■ YOUR OBJECTIVE: Go through the records and count every line that holds "under". Only the number belongs in the reply.

%%

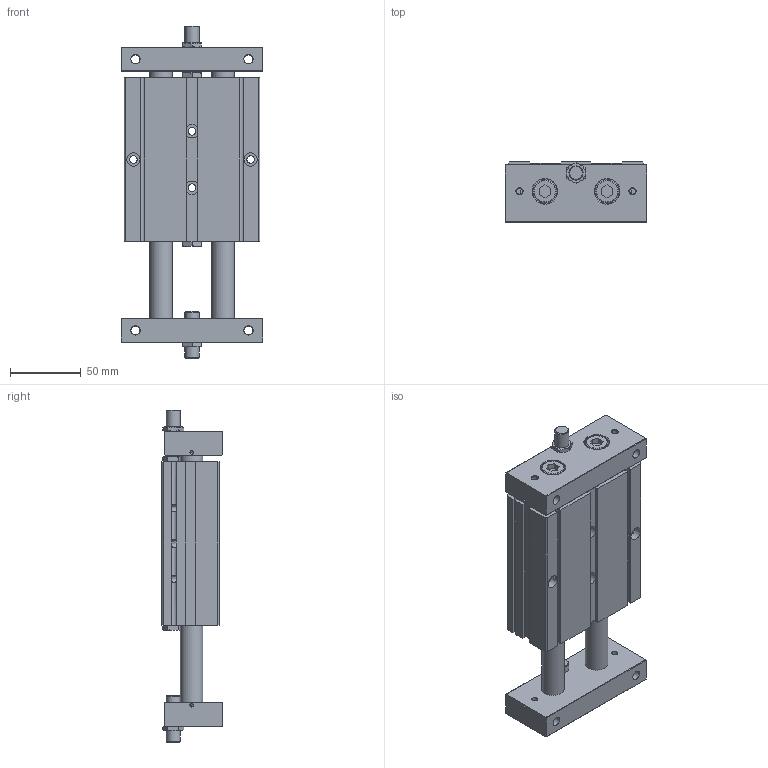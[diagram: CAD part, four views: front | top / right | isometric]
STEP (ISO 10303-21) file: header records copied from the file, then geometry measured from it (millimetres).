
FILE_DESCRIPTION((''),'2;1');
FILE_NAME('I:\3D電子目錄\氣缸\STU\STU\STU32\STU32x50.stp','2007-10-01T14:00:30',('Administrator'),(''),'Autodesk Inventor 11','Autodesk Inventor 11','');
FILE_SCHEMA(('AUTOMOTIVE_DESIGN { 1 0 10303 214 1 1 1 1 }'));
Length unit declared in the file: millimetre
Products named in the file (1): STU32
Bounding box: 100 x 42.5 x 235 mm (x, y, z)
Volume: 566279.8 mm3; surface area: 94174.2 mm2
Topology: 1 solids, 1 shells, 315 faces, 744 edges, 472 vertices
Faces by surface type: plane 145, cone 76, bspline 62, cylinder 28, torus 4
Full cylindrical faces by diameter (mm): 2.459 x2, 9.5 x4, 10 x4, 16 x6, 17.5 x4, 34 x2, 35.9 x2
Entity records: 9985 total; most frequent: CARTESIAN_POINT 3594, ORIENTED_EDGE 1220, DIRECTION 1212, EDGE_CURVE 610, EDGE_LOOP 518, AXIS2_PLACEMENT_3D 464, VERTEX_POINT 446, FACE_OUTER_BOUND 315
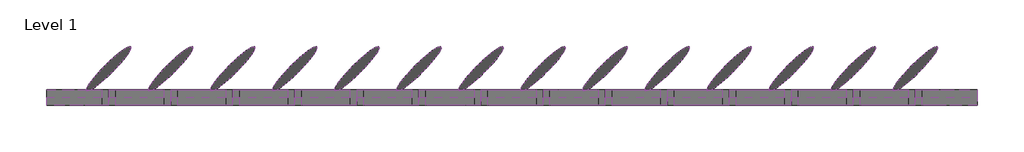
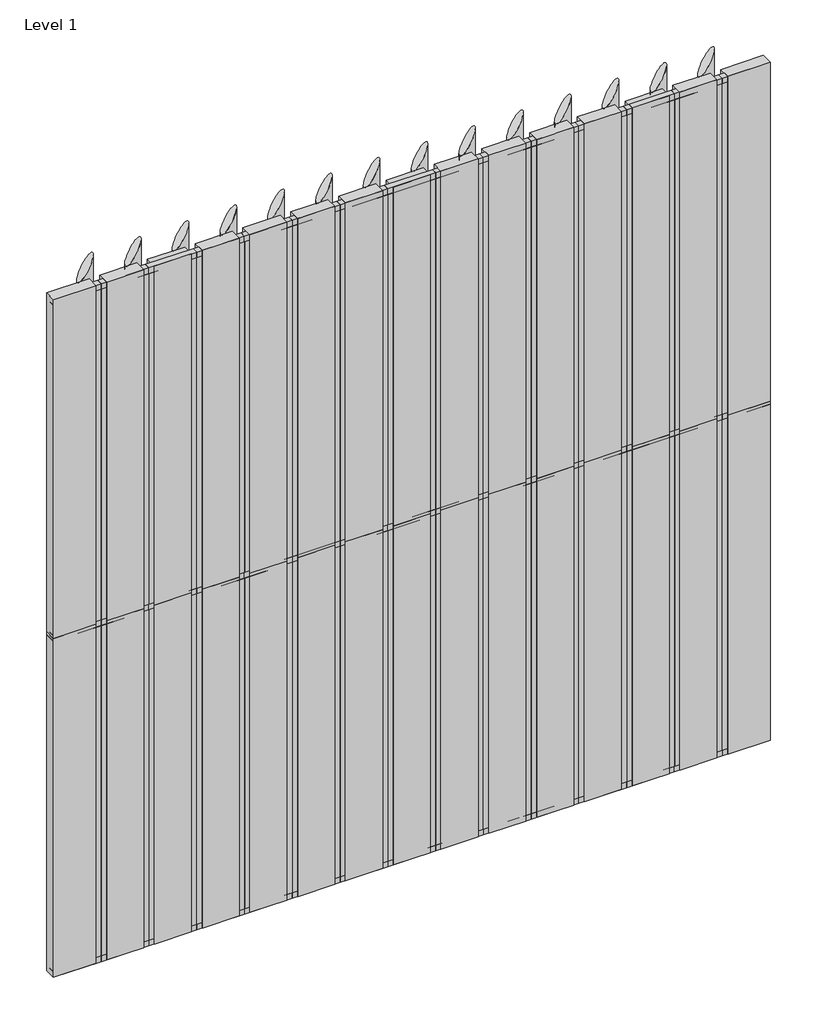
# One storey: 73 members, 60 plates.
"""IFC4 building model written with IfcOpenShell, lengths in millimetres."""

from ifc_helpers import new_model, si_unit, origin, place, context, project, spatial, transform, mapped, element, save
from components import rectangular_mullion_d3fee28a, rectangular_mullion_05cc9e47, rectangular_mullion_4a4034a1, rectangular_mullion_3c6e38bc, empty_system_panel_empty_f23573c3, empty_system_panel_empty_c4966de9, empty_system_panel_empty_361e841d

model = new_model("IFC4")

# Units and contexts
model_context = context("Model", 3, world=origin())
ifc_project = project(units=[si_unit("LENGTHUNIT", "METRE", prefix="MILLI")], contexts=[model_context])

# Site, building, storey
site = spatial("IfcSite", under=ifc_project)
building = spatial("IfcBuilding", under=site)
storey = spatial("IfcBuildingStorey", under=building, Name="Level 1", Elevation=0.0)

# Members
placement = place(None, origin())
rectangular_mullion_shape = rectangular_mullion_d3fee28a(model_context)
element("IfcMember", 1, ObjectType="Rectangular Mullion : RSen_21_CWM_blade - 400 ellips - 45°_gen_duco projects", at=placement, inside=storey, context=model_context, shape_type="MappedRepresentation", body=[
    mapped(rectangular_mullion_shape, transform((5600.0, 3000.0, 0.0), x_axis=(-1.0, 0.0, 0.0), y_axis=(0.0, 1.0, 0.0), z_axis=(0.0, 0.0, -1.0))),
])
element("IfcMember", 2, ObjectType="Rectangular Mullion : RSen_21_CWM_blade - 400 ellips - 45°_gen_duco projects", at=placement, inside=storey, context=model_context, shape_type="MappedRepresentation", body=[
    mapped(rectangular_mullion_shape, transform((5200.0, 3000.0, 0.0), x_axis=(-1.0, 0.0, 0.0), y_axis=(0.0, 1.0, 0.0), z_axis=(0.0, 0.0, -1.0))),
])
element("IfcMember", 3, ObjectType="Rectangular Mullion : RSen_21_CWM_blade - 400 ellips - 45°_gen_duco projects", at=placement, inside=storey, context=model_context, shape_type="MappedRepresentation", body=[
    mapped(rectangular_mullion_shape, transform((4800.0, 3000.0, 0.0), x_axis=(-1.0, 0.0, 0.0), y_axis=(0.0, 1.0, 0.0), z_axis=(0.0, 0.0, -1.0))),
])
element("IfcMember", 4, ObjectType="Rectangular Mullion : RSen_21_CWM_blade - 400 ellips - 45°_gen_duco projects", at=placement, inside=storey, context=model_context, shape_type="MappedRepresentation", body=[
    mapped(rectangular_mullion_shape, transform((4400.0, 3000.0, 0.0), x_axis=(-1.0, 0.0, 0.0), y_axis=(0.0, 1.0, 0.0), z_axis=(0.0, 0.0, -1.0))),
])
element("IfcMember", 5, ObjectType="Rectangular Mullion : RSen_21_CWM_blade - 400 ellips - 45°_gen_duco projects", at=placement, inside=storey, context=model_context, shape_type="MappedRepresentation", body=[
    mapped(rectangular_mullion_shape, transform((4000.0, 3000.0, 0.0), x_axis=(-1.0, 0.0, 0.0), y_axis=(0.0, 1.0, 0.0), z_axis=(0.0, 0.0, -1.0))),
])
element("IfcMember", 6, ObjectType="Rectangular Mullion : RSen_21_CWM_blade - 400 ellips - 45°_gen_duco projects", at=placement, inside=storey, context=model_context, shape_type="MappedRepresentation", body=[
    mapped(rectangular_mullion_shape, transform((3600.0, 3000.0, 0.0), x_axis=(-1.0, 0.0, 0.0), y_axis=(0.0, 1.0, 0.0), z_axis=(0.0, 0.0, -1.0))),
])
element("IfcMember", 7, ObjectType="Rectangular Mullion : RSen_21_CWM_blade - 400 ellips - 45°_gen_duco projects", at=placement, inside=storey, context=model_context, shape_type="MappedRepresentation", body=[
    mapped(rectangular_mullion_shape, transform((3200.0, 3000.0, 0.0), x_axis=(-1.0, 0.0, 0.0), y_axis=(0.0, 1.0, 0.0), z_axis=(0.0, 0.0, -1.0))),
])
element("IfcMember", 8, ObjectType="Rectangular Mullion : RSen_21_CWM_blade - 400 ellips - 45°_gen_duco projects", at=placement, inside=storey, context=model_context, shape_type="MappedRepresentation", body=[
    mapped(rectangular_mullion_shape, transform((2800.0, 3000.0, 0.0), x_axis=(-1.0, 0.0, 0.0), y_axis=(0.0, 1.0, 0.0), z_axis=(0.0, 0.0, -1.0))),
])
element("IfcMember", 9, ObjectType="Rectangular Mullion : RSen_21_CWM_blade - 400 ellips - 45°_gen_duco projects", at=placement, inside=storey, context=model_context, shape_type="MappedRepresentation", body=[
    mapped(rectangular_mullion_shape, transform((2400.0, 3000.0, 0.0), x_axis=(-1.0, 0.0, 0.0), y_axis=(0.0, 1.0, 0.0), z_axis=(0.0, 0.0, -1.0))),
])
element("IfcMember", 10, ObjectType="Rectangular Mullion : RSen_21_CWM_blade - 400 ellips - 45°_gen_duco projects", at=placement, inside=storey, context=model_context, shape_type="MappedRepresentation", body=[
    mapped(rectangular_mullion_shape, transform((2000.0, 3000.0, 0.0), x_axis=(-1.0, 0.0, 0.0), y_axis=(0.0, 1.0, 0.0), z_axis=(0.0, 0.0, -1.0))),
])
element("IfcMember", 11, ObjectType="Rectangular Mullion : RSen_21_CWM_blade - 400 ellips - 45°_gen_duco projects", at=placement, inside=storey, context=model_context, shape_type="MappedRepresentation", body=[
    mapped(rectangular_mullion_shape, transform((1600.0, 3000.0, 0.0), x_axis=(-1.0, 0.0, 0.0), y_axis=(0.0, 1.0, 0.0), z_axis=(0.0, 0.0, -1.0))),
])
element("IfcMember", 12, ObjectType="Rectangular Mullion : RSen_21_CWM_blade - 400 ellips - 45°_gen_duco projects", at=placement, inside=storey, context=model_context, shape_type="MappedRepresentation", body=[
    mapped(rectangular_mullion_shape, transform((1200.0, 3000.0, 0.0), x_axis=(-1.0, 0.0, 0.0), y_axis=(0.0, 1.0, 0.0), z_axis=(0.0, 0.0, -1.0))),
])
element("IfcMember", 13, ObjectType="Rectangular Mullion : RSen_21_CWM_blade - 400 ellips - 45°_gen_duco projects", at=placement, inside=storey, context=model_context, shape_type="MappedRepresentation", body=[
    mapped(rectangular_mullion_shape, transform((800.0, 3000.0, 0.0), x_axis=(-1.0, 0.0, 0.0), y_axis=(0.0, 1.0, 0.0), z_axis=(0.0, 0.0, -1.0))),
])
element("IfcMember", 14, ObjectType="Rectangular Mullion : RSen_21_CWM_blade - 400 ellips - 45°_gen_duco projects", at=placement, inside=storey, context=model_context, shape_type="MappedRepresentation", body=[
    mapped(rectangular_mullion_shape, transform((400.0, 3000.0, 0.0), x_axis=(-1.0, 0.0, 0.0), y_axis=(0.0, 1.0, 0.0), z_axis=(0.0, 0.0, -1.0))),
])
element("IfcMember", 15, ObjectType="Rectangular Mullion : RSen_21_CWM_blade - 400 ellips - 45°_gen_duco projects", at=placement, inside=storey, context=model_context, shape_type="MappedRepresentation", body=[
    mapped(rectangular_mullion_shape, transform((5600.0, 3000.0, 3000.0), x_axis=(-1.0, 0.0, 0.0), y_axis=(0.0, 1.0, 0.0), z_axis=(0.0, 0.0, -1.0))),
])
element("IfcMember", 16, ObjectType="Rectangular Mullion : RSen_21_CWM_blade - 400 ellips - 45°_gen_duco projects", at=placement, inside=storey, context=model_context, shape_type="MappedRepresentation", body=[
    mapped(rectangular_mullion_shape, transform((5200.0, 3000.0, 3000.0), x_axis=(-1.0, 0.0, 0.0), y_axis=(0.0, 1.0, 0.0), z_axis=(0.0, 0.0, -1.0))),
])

%%

■ ANSWER FOR THIS EXERCISE: 3